What the task requires: A word-for-word copy of the lines from the one holding "#2661=DIRECTION('',(0.0,0.0,1.0));" through the final line of the records below is the only output asked for.

Dataset excerpts:
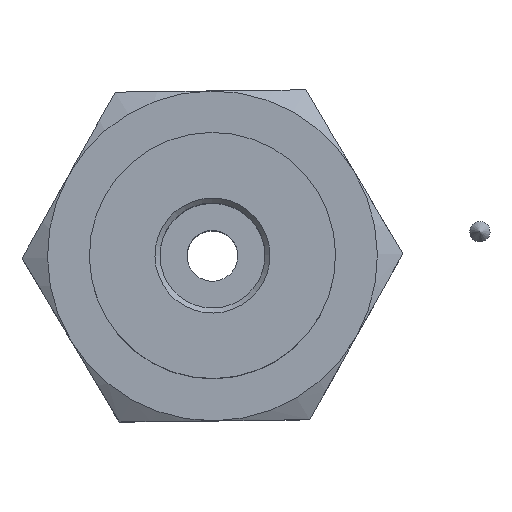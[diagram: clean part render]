
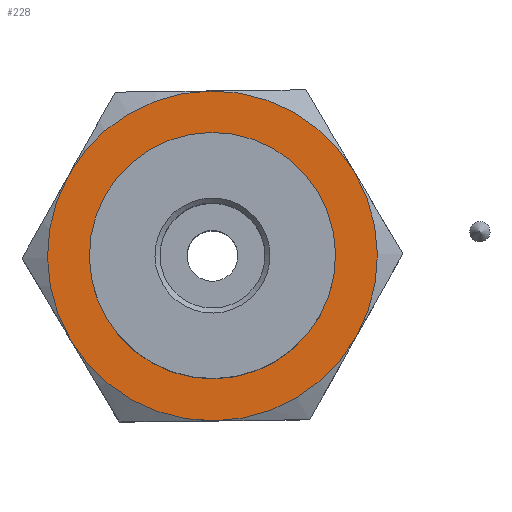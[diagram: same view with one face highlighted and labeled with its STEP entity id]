
A CAD part, top view. The second image highlights one B-rep face of the part: STEP entity #228.
In plain terms, the highlighted planar face has unit normal (0, 0, 1) as drawn and (1, 0, 0) by its records, which use the part's own axes.
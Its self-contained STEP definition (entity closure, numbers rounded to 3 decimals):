
#228=ADVANCED_FACE('',(#468,#469),#470,.F.);
#468=FACE_OUTER_BOUND('',#762,.T.);
#469=FACE_BOUND('',#763,.T.);
#470=PLANE('',#764);
#762=EDGE_LOOP('',(#1136,#1137,#1138,#1139,#1140,#1141));
#763=EDGE_LOOP('',(#1142));
#764=AXIS2_PLACEMENT_3D('',#1143,#1144,#1145);
#1136=ORIENTED_EDGE('',*,*,#1667,.F.);
#1137=ORIENTED_EDGE('',*,*,#1648,.F.);
#1138=ORIENTED_EDGE('',*,*,#1681,.F.);
#1139=ORIENTED_EDGE('',*,*,#1658,.F.);
#1140=ORIENTED_EDGE('',*,*,#1675,.F.);
#1141=ORIENTED_EDGE('',*,*,#1694,.F.);
#1142=ORIENTED_EDGE('',*,*,#1695,.T.);
#1143=CARTESIAN_POINT('',(2.5,11.258,6.5));
#1144=DIRECTION('',(-1.0,0.,0.0));
#1145=DIRECTION('',(0.0,0.0,1.0));
#1648=EDGE_CURVE('',#1881,#1877,#1882,.T.);
#1658=EDGE_CURVE('',#1898,#1894,#1899,.T.);
#1667=EDGE_CURVE('',#1877,#1908,#1912,.T.);
#1675=EDGE_CURVE('',#1920,#1898,#1924,.T.);
#1681=EDGE_CURVE('',#1894,#1881,#1931,.T.);
#1694=EDGE_CURVE('',#1908,#1920,#1950,.T.);
#1695=EDGE_CURVE('',#1951,#1951,#1952,.T.);
#1877=VERTEX_POINT('',#2202);
#1881=VERTEX_POINT('',#2214);
#1882=CIRCLE('',#2215,6.5);
#1894=VERTEX_POINT('',#2241);
#1898=VERTEX_POINT('',#2253);
#1899=CIRCLE('',#2254,6.5);
#1908=VERTEX_POINT('',#2276);
#1912=CIRCLE('',#2288,6.5);
#1920=VERTEX_POINT('',#2305);
#1924=CIRCLE('',#2317,6.5);
#1931=CIRCLE('',#2332,6.5);
#1950=CIRCLE('',#2355,6.5);
#1951=VERTEX_POINT('',#2356);
#1952=CIRCLE('',#2357,4.0);
#2202=CARTESIAN_POINT('',(2.5,-5.629,3.25));
#2214=CARTESIAN_POINT('',(2.5,-5.629,-3.25));
#2215=AXIS2_PLACEMENT_3D('',#2619,#2620,#2621);
#2241=CARTESIAN_POINT('',(2.5,0.,-6.5));
#2253=CARTESIAN_POINT('',(2.5,5.629,-3.25));
#2254=AXIS2_PLACEMENT_3D('',#2624,#2625,#2626);
#2276=CARTESIAN_POINT('',(2.5,0.0,6.5));
#2288=AXIS2_PLACEMENT_3D('',#2628,#2629,#2630);
#2305=CARTESIAN_POINT('',(2.5,5.629,3.25));
#2317=AXIS2_PLACEMENT_3D('',#2632,#2633,#2634);
#2332=AXIS2_PLACEMENT_3D('',#2638,#2639,#2640);
#2355=AXIS2_PLACEMENT_3D('',#2659,#2660,#2661);
#2356=CARTESIAN_POINT('',(2.5,0.0,4.0));
#2357=AXIS2_PLACEMENT_3D('',#2662,#2663,#2664);
#2619=CARTESIAN_POINT('',(2.5,0.,0.0));
#2620=DIRECTION('',(-1.0,0.,0.0));
#2621=DIRECTION('',(0.,-1.0,0.0));
#2624=CARTESIAN_POINT('',(2.5,0.,0.0));
#2625=DIRECTION('',(-1.0,0.,0.0));
#2626=DIRECTION('',(0.,-1.0,0.0));
#2628=CARTESIAN_POINT('',(2.5,0.,0.0));
#2629=DIRECTION('',(-1.0,0.,0.0));
#2630=DIRECTION('',(0.,-1.0,0.0));
#2632=CARTESIAN_POINT('',(2.5,0.,0.0));
#2633=DIRECTION('',(-1.0,0.,0.0));
#2634=DIRECTION('',(0.,-1.0,0.0));
#2638=CARTESIAN_POINT('',(2.5,0.,0.0));
#2639=DIRECTION('',(-1.0,0.,0.0));
#2640=DIRECTION('',(0.,-1.0,0.0));
#2659=CARTESIAN_POINT('',(2.5,0.0,0.0));
#2660=DIRECTION('',(-1.0,0.0,0.0));
#2661=DIRECTION('',(0.0,0.0,1.0));
#2662=CARTESIAN_POINT('',(2.5,0.0,0.0));
#2663=DIRECTION('',(-1.0,0.0,0.0));
#2664=DIRECTION('',(0.0,0.0,1.0));

Solved exercise:
#2661=DIRECTION('',(0.0,0.0,1.0));
#2662=CARTESIAN_POINT('',(2.5,0.0,0.0));
#2663=DIRECTION('',(-1.0,0.0,0.0));
#2664=DIRECTION('',(0.0,0.0,1.0));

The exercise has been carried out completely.